[Records drawn from a dataset]
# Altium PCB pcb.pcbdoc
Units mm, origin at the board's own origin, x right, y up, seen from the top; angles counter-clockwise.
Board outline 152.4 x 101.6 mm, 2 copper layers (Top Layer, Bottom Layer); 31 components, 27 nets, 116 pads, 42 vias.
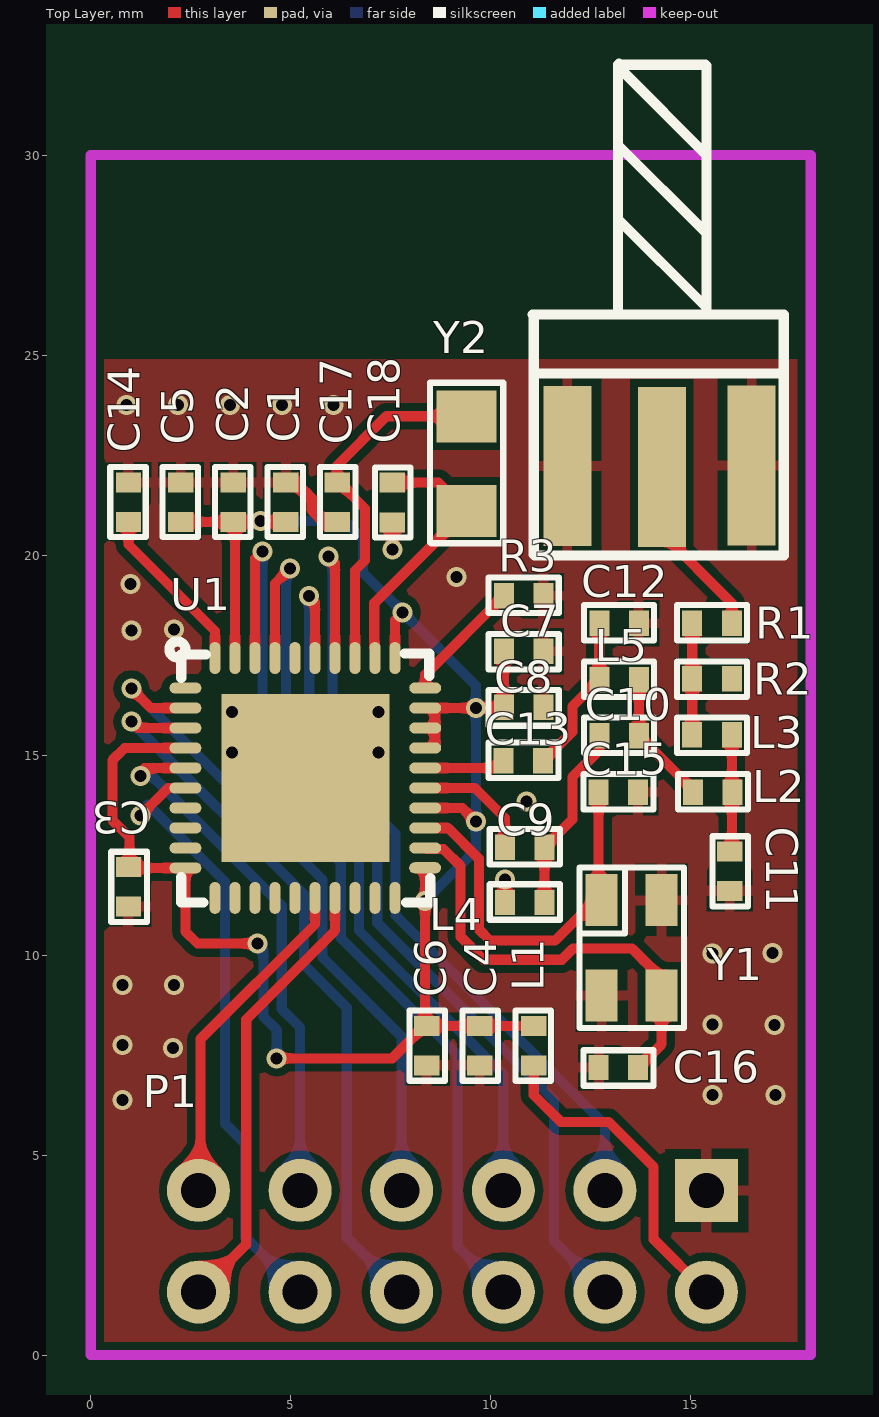
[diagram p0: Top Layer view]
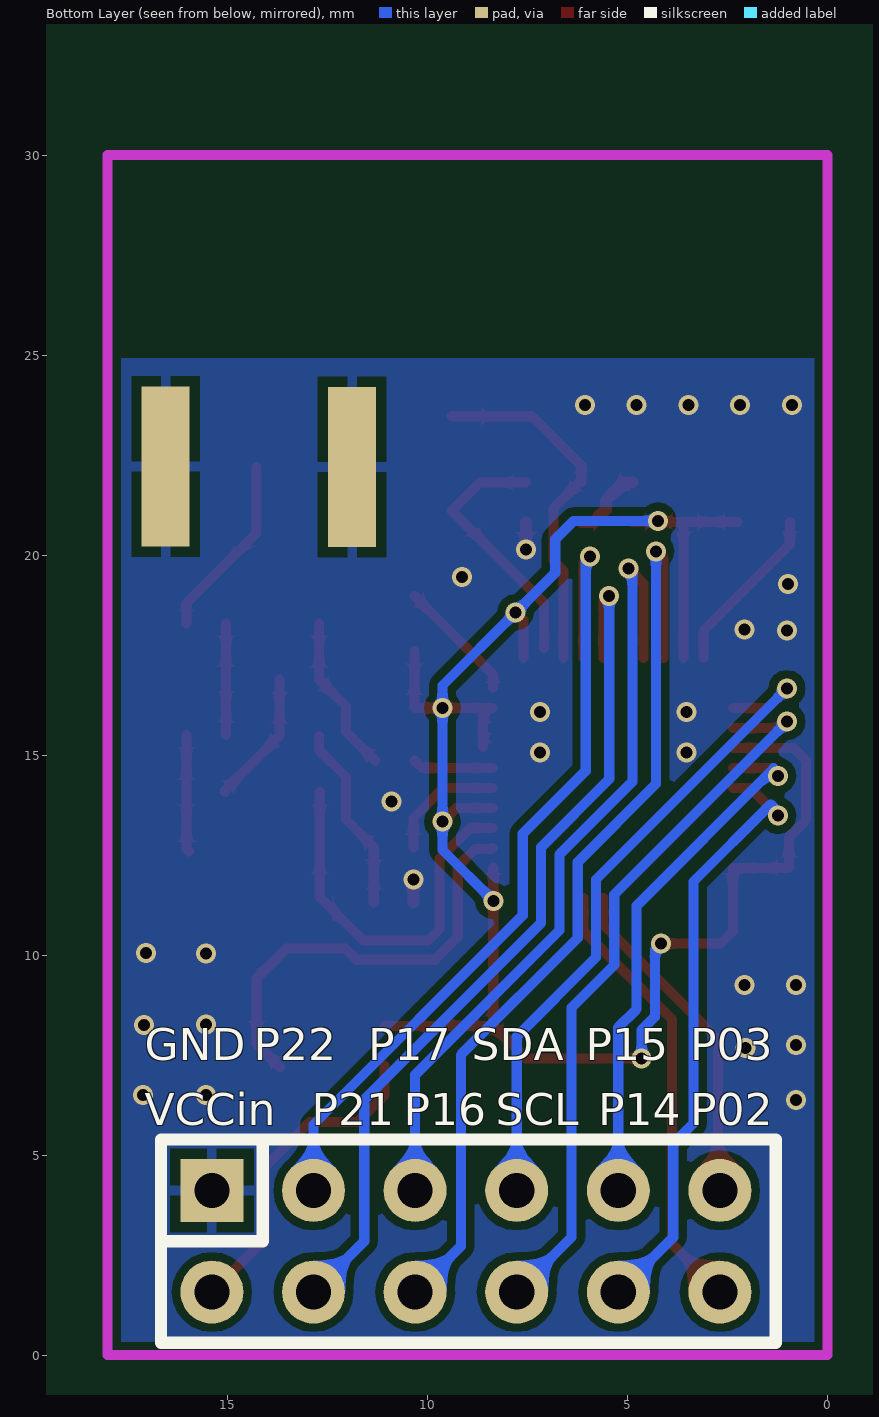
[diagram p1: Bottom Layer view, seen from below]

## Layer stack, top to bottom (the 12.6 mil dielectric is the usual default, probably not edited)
Top Solder: solder mask 0.0102, Solder Resist, Dk 3.5
Top Layer: signal copper 0.0356
Dielectric1: dielectric 0.32, FR-4, Dk 4.8
Bottom Layer: signal copper 0.0356
Bottom Solder: solder mask 0.0102, Solder Resist, Dk 3.5

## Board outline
-67.589,-36.627 84.811,-36.627 84.811,64.973 -67.589,64.973

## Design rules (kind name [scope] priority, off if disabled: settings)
Clearance [All] p1: gap=0.203 ignorepadtopadclearanceinfootprint=FALSE
MinimumSolderMaskSliver [All] p1 off: minsoldermaskwidth=0.254
PolygonConnect PolygonConnect_86 [All vs IsNamedPolygon('Top Layer-GND')] p1: thpad.connectstyle=Relief thpad.reliefconductorwidth=0.254 thpad.reliefentries=4 thpad.polygonreliefangle="90 Angle" thpad.airgapwidth=0.254 smdpad.connectstyle=Relief smdpad.reliefconductorwidth=0.254 smdpad.reliefentries=4 smdpad.polygonreliefangle="90 Angle" smdpad.airgapwidth=0.254 via.connectstyle=Direct via.reliefconductorwidth=0.254 via.reliefentries=4 via.polygonreliefangle="90 Angle" via.airgapwidth=0.254
PolygonConnect PolygonConnect_85 [All vs IsNamedPolygon('GND_L01_P020')] p2: thpad.connectstyle=Relief thpad.reliefconductorwidth=0.254 thpad.reliefentries=4 thpad.polygonreliefangle="90 Angle" thpad.airgapwidth=0.254 smdpad.connectstyle=Relief smdpad.reliefconductorwidth=0.254 smdpad.reliefentries=4 smdpad.polygonreliefangle="90 Angle" smdpad.airgapwidth=0.254 via.connectstyle=Direct via.reliefconductorwidth=0.254 via.reliefentries=4 via.polygonreliefangle="90 Angle" via.airgapwidth=0.254
PolygonConnect PolygonConnect_84 [All vs IsNamedPolygon('Bottom Layer-GND')] p3: thpad.connectstyle=Relief thpad.reliefconductorwidth=0.254 thpad.reliefentries=4 thpad.polygonreliefangle="90 Angle" thpad.airgapwidth=0.254 smdpad.connectstyle=Relief smdpad.reliefconductorwidth=0.254 smdpad.reliefentries=4 smdpad.polygonreliefangle="90 Angle" smdpad.airgapwidth=0.254 via.connectstyle=Direct via.reliefconductorwidth=0.254 via.reliefentries=4 via.polygonreliefangle="90 Angle" via.airgapwidth=0.254
PolygonConnect PolygonConnect_83 [All vs IsNamedPolygon('AGND-top')] p4: thpad.connectstyle=Relief thpad.reliefconductorwidth=0.508 thpad.reliefentries=4 thpad.polygonreliefangle="90 Angle" thpad.airgapwidth=0.254 smdpad.connectstyle=Relief smdpad.reliefconductorwidth=0.508 smdpad.reliefentries=4 smdpad.polygonreliefangle="90 Angle" smdpad.airgapwidth=0.254 via.connectstyle=Direct via.reliefconductorwidth=0.254 via.reliefentries=4 via.polygonreliefangle="90 Angle" via.airgapwidth=0.254
PolygonConnect PolygonConnect_82 [All vs IsNamedPolygon('Totalcurrent-bottom')] p5: thpad.connectstyle=Relief thpad.reliefconductorwidth=0.508 thpad.reliefentries=4 thpad.polygonreliefangle="90 Angle" thpad.airgapwidth=0.254 smdpad.connectstyle=Relief smdpad.reliefconductorwidth=0.508 smdpad.reliefentries=4 smdpad.polygonreliefangle="90 Angle" smdpad.airgapwidth=0.254 via.connectstyle=Direct via.reliefconductorwidth=0.254 via.reliefentries=4 via.polygonreliefangle="90 Angle" via.airgapwidth=0.254
PolygonConnect PolygonConnect_81 [All vs IsNamedPolygon('GND-top')] p6: thpad.connectstyle=Relief thpad.reliefconductorwidth=0.508 thpad.reliefentries=4 thpad.polygonreliefangle="90 Angle" thpad.airgapwidth=0.254 smdpad.connectstyle=Relief smdpad.reliefconductorwidth=0.508 smdpad.reliefentries=4 smdpad.polygonreliefangle="90 Angle" smdpad.airgapwidth=0.254 via.connectstyle=Direct via.reliefconductorwidth=0.254 via.reliefentries=4 via.polygonreliefangle="90 Angle" via.airgapwidth=0.254
PolygonConnect PolygonConnect_80 [All vs IsNamedPolygon('GND-bottom')] p7: thpad.connectstyle=Relief thpad.reliefconductorwidth=0.508 thpad.reliefentries=4 thpad.polygonreliefangle="90 Angle" thpad.airgapwidth=0.254 smdpad.connectstyle=Relief smdpad.reliefconductorwidth=0.508 smdpad.reliefentries=4 smdpad.polygonreliefangle="90 Angle" smdpad.airgapwidth=0.254 via.connectstyle=Direct via.reliefconductorwidth=0.254 via.reliefentries=4 via.polygonreliefangle="90 Angle" via.airgapwidth=0.254
PolygonConnect PolygonConnect_79 [All vs IsNamedPolygon('AGND-bottom')] p8: thpad.connectstyle=Relief thpad.reliefconductorwidth=0.508 thpad.reliefentries=4 thpad.polygonreliefangle="90 Angle" thpad.airgapwidth=0.254 smdpad.connectstyle=Relief smdpad.reliefconductorwidth=0.508 smdpad.reliefentries=4 smdpad.polygonreliefangle="90 Angle" smdpad.airgapwidth=0.254 via.connectstyle=Direct via.reliefconductorwidth=0.254 via.reliefentries=4 via.polygonreliefangle="90 Angle" via.airgapwidth=0.254
PolygonConnect PolygonConnect_78 [All vs IsNamedPolygon('AGND-BOTTOM')] p9: thpad.connectstyle=Relief thpad.reliefconductorwidth=0.508 thpad.reliefentries=4 thpad.polygonreliefangle="90 Angle" thpad.airgapwidth=0.254 smdpad.connectstyle=Relief smdpad.reliefconductorwidth=0.508 smdpad.reliefentries=4 smdpad.polygonreliefangle="90 Angle" smdpad.airgapwidth=0.254 via.connectstyle=Direct via.reliefconductorwidth=0.254 via.reliefentries=4 via.polygonreliefangle="90 Angle" via.airgapwidth=0.254
PolygonConnect PolygonConnect_77 [All vs IsNamedPolygon('AGND-BOTTOM')] p10: thpad.connectstyle=Relief thpad.reliefconductorwidth=0.508 thpad.reliefentries=4 thpad.polygonreliefangle="90 Angle" thpad.airgapwidth=0.254 smdpad.connectstyle=Relief smdpad.reliefconductorwidth=0.508 smdpad.reliefentries=4 smdpad.polygonreliefangle="90 Angle" smdpad.airgapwidth=0.254 via.connectstyle=Direct via.reliefconductorwidth=0.254 via.reliefentries=4 via.polygonreliefangle="90 Angle" via.airgapwidth=0.254
PolygonConnect PolygonConnect_76 [All vs IsNamedPolygon('Totalcurrent-top')] p11: thpad.connectstyle=Relief thpad.reliefconductorwidth=0.508 thpad.reliefentries=4 thpad.polygonreliefangle="90 Angle" thpad.airgapwidth=0.254 smdpad.connectstyle=Relief smdpad.reliefconductorwidth=0.508 smdpad.reliefentries=4 smdpad.polygonreliefangle="90 Angle" smdpad.airgapwidth=0.254 via.connectstyle=Direct via.reliefconductorwidth=0.254 via.reliefentries=4 via.polygonreliefangle="90 Angle" via.airgapwidth=0.254
PolygonConnect PolygonConnect_75 [All vs IsNamedPolygon('Totalcurrent-bottom')] p12: thpad.connectstyle=Relief thpad.reliefconductorwidth=0.508 thpad.reliefentries=4 thpad.polygonreliefangle="90 Angle" thpad.airgapwidth=0.254 smdpad.connectstyle=Relief smdpad.reliefconductorwidth=0.508 smdpad.reliefentries=4 smdpad.polygonreliefangle="90 Angle" smdpad.airgapwidth=0.254 via.connectstyle=Direct via.reliefconductorwidth=0.254 via.reliefentries=4 via.polygonreliefangle="90 Angle" via.airgapwidth=0.254
PolygonConnect PolygonConnect_74 [All vs IsNamedPolygon('Totalcurrent-bottom')] p13: thpad.connectstyle=Relief thpad.reliefconductorwidth=0.508 thpad.reliefentries=4 thpad.polygonreliefangle="90 Angle" thpad.airgapwidth=0.254 smdpad.connectstyle=Relief smdpad.reliefconductorwidth=0.508 smdpad.reliefentries=4 smdpad.polygonreliefangle="90 Angle" smdpad.airgapwidth=0.254 via.connectstyle=Direct via.reliefconductorwidth=0.254 via.reliefentries=4 via.polygonreliefangle="90 Angle" via.airgapwidth=0.254
PolygonConnect PolygonConnect_73 [All vs IsNamedPolygon('Totalcurrent-top')] p14: connectstyle=Relief reliefconductorwidth=0.254 reliefentries=4 polygonreliefangle="90 Angle" airgapwidth=0.254
PolygonConnect PolygonConnect_72 [All vs IsNamedPolygon('Totalcurrent-top')] p15: thpad.connectstyle=Relief thpad.reliefconductorwidth=0.508 thpad.reliefentries=4 thpad.polygonreliefangle="90 Angle" thpad.airgapwidth=0.254 smdpad.connectstyle=Relief smdpad.reliefconductorwidth=0.508 smdpad.reliefentries=4 smdpad.polygonreliefangle="90 Angle" smdpad.airgapwidth=0.254 via.connectstyle=Direct via.reliefconductorwidth=0.254 via.reliefentries=4 via.polygonreliefangle="90 Angle" via.airgapwidth=0.254
PolygonConnect PolygonConnect_71 [All vs IsNamedPolygon('Totalcurrent-top')] p16: connectstyle=Relief reliefconductorwidth=0.254 reliefentries=4 polygonreliefangle="45 Angle" airgapwidth=0.254
PolygonConnect PolygonConnect_70 [All vs IsNamedPolygon('GND-top')] p17: connectstyle=Relief reliefconductorwidth=0.254 reliefentries=4 polygonreliefangle="45 Angle" airgapwidth=0.254
PolygonConnect PolygonConnect_69 [All vs IsNamedPolygon('GND-bottom')] p18: connectstyle=Relief reliefconductorwidth=0.254 reliefentries=4 polygonreliefangle="45 Angle" airgapwidth=0.254
PolygonConnect PolygonConnect_68 [All vs IsNamedPolygon('GND-top')] p19: connectstyle=Relief reliefconductorwidth=0.254 reliefentries=4 polygonreliefangle="45 Angle" airgapwidth=0.254
PolygonConnect PolygonConnect_67 [All vs IsNamedPolygon('GND-top')] p20: connectstyle=Relief reliefconductorwidth=0.254 reliefentries=4 polygonreliefangle="45 Angle" airgapwidth=0.254
PolygonConnect PolygonConnect_66 [All vs IsNamedPolygon('Totalcurrent-bottom')] p21: connectstyle=Relief reliefconductorwidth=0.254 reliefentries=4 polygonreliefangle="45 Angle" airgapwidth=0.254
PolygonConnect PolygonConnect_65 [All vs IsNamedPolygon('AGND-BOTTOM')] p22: connectstyle=Relief reliefconductorwidth=0.254 reliefentries=4 polygonreliefangle="45 Angle" airgapwidth=0.254
PolygonConnect PolygonConnect_64 [All vs IsNamedPolygon('Totalcurrent-bottom')] p23: connectstyle=Relief reliefconductorwidth=0.254 reliefentries=4 polygonreliefangle="45 Angle" airgapwidth=0.254
PolygonConnect PolygonConnect_63 [All vs IsNamedPolygon('AGND-BOTTOM')] p24: connectstyle=Relief reliefconductorwidth=0.254 reliefentries=4 polygonreliefangle="45 Angle" airgapwidth=0.254
PolygonConnect PolygonConnect_62 [All vs IsNamedPolygon('AGND-BOTTOM')] p25: connectstyle=Relief reliefconductorwidth=0.254 reliefentries=4 polygonreliefangle="45 Angle" airgapwidth=0.254
PolygonConnect PolygonConnect_61 [All vs IsNamedPolygon('Totalcurrent-bottom')] p26: connectstyle=Relief reliefconductorwidth=0.254 reliefentries=4 polygonreliefangle="45 Angle" airgapwidth=0.254
PolygonConnect PolygonConnect_60 [All vs IsNamedPolygon('AGND2-top')] p27: connectstyle=Relief reliefconductorwidth=0.254 reliefentries=4 polygonreliefangle="45 Angle" airgapwidth=0.254
PolygonConnect PolygonConnect_59 [All vs IsNamedPolygon('AGND-BOTTOM')] p28: connectstyle=Relief reliefconductorwidth=0.254 reliefentries=4 polygonreliefangle="45 Angle" airgapwidth=0.254
PolygonConnect PolygonConnect_58 [All vs IsNamedPolygon('TotalcurrentLayer-bottom')] p29: connectstyle=Relief reliefconductorwidth=0.254 reliefentries=4 polygonreliefangle="45 Angle" airgapwidth=0.254
PolygonConnect PolygonConnect_57 [All vs IsNamedPolygon('TotalcurrentLayer-top')] p30: connectstyle=Relief reliefconductorwidth=0.254 reliefentries=4 polygonreliefangle="45 Angle" airgapwidth=0.254
PolygonConnect PolygonConnect_56 [All vs IsNamedPolygon('TotalcurrentLayer-No Net')] p31: connectstyle=Relief reliefconductorwidth=0.254 reliefentries=4 polygonreliefangle="45 Angle" airgapwidth=0.254
PolygonConnect PolygonConnect_55 [All vs IsNamedPolygon('TotalcurrentLayer-No Net')] p32: connectstyle=Relief reliefconductorwidth=0.254 reliefentries=4 polygonreliefangle="45 Angle" airgapwidth=0.254
PolygonConnect PolygonConnect_54 [All vs IsNamedPolygon('TotalcurrentLayer-No Net')] p33: connectstyle=Direct reliefconductorwidth=0.254 reliefentries=4 polygonreliefangle="90 Angle" airgapwidth=0.254
PolygonConnect PolygonConnect_53 [InNet('TOTALCURRENTOUT') vs IsNamedPolygon('TotalcurrentLayer-No Net')] p34: connectstyle=Relief reliefconductorwidth=0.254 reliefentries=4 polygonreliefangle="45 Angle" airgapwidth=0.254
PolygonConnect PolygonConnect_52 [All vs IsNamedPolygon('TotalcurrentLayer-No Net')] p35: connectstyle=Relief reliefconductorwidth=0.254 reliefentries=4 polygonreliefangle="45 Angle" airgapwidth=0.254
PolygonConnect PolygonConnect_51 [All vs IsNamedPolygon('Bottom-Layer-GND')] p36: connectstyle=Relief reliefconductorwidth=0.254 reliefentries=4 polygonreliefangle="45 Angle" airgapwidth=0.254
PolygonConnect PolygonConnect_50 [All vs IsNamedPolygon('Bottom-Layer-GND')] p37: connectstyle=Relief reliefconductorwidth=0.254 reliefentries=4 polygonreliefangle="45 Angle" airgapwidth=0.254
PolygonConnect PolygonConnect_49 [InNet('GND') vs IsNamedPolygon('Top Layer-No Net')] p38: connectstyle=Relief reliefconductorwidth=0.508 reliefentries=4 polygonreliefangle="90 Angle" airgapwidth=0.254
PolygonConnect PolygonConnect_48 [All vs IsNamedPolygon('bottom-agnd')] p39: connectstyle=Relief reliefconductorwidth=0.508 reliefentries=4 polygonreliefangle="90 Angle" airgapwidth=0.254
PolygonConnect PolygonConnect_47 [All vs IsNamedPolygon('bottom-gnd')] p40: connectstyle=Relief reliefconductorwidth=0.508 reliefentries=4 polygonreliefangle="90 Angle" airgapwidth=0.254
PolygonConnect PolygonConnect_46 [All vs IsNamedPolygon('bottom-gnd')] p41: connectstyle=Relief reliefconductorwidth=0.508 reliefentries=4 polygonreliefangle="90 Angle" airgapwidth=0.254
PolygonConnect PolygonConnect_45 [All vs IsNamedPolygon('top-agnd')] p42: connectstyle=Relief reliefconductorwidth=0.508 reliefentries=4 polygonreliefangle="90 Angle" airgapwidth=0.254
PolygonConnect PolygonConnect_44 [All vs IsNamedPolygon('top-gnd')] p43: connectstyle=Relief reliefconductorwidth=0.508 reliefentries=4 polygonreliefangle="90 Angle" airgapwidth=0.254
PolygonConnect PolygonConnect_43 [All vs IsNamedPolygon('Topagndlayer-No Net')] p44: connectstyle=Relief reliefconductorwidth=0.508 reliefentries=4 polygonreliefangle="90 Angle" airgapwidth=0.254
PolygonConnect PolygonConnect_42 [All vs IsNamedPolygon('Topgndlayer-No Net')] p45: connectstyle=Relief reliefconductorwidth=0.508 reliefentries=4 polygonreliefangle="90 Angle" airgapwidth=0.254
PolygonConnect PolygonConnect_41 [All vs IsNamedPolygon('bottomagnd')] p46: connectstyle=Relief reliefconductorwidth=0.508 reliefentries=4 polygonreliefangle="90 Angle" airgapwidth=0.254
PolygonConnect PolygonConnect_40 [All vs IsNamedPolygon('bottomgnd')] p47: connectstyle=Relief reliefconductorwidth=0.508 reliefentries=4 polygonreliefangle="90 Angle" airgapwidth=0.254
PolygonConnect PolygonConnect_39 [InNet('CURRENT') vs IsNamedPolygon('Topgndlayer-No Net')] p48: connectstyle=Relief reliefconductorwidth=0.508 reliefentries=4 polygonreliefangle="90 Angle" airgapwidth=0.254
PolygonConnect PolygonConnect_38 [All vs IsNamedPolygon('Topagndlayer-No Net')] p49: connectstyle=Direct reliefconductorwidth=0.254 reliefentries=4 polygonreliefangle="90 Angle" airgapwidth=0.254
PolygonConnect PolygonConnect_37 [All vs IsNamedPolygon('Topgndlayer-No Net')] p50: connectstyle=Relief reliefconductorwidth=0.508 reliefentries=4 polygonreliefangle="90 Angle" airgapwidth=0.254
PolygonConnect PolygonConnect_36 [All vs IsNamedPolygon('bottomagnd')] p51: connectstyle=Relief reliefconductorwidth=0.508 reliefentries=4 polygonreliefangle="90 Angle" airgapwidth=0.254
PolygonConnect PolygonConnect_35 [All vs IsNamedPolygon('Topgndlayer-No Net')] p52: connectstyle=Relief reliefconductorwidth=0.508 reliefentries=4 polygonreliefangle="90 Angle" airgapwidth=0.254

> [The problem]:
Above are the records; print exactly the lines from the line with "PolygonConnect PolygonConnect_84 [All" to the line with "PolygonConnect PolygonConnect_83 [All", including both, and nothing else.

> [Solution]:
PolygonConnect PolygonConnect_84 [All vs IsNamedPolygon('Bottom Layer-GND')] p3: thpad.connectstyle=Relief thpad.reliefconductorwidth=0.254 thpad.reliefentries=4 thpad.polygonreliefangle="90 Angle" thpad.airgapwidth=0.254 smdpad.connectstyle=Relief smdpad.reliefconductorwidth=0.254 smdpad.reliefentries=4 smdpad.polygonreliefangle="90 Angle" smdpad.airgapwidth=0.254 via.connectstyle=Direct via.reliefconductorwidth=0.254 via.reliefentries=4 via.polygonreliefangle="90 Angle" via.airgapwidth=0.254
PolygonConnect PolygonConnect_83 [All vs IsNamedPolygon('AGND-top')] p4: thpad.connectstyle=Relief thpad.reliefconductorwidth=0.508 thpad.reliefentries=4 thpad.polygonreliefangle="90 Angle" thpad.airgapwidth=0.254 smdpad.connectstyle=Relief smdpad.reliefconductorwidth=0.508 smdpad.reliefentries=4 smdpad.polygonreliefangle="90 Angle" smdpad.airgapwidth=0.254 via.connectstyle=Direct via.reliefconductorwidth=0.254 via.reliefentries=4 via.polygonreliefangle="90 Angle" via.airgapwidth=0.254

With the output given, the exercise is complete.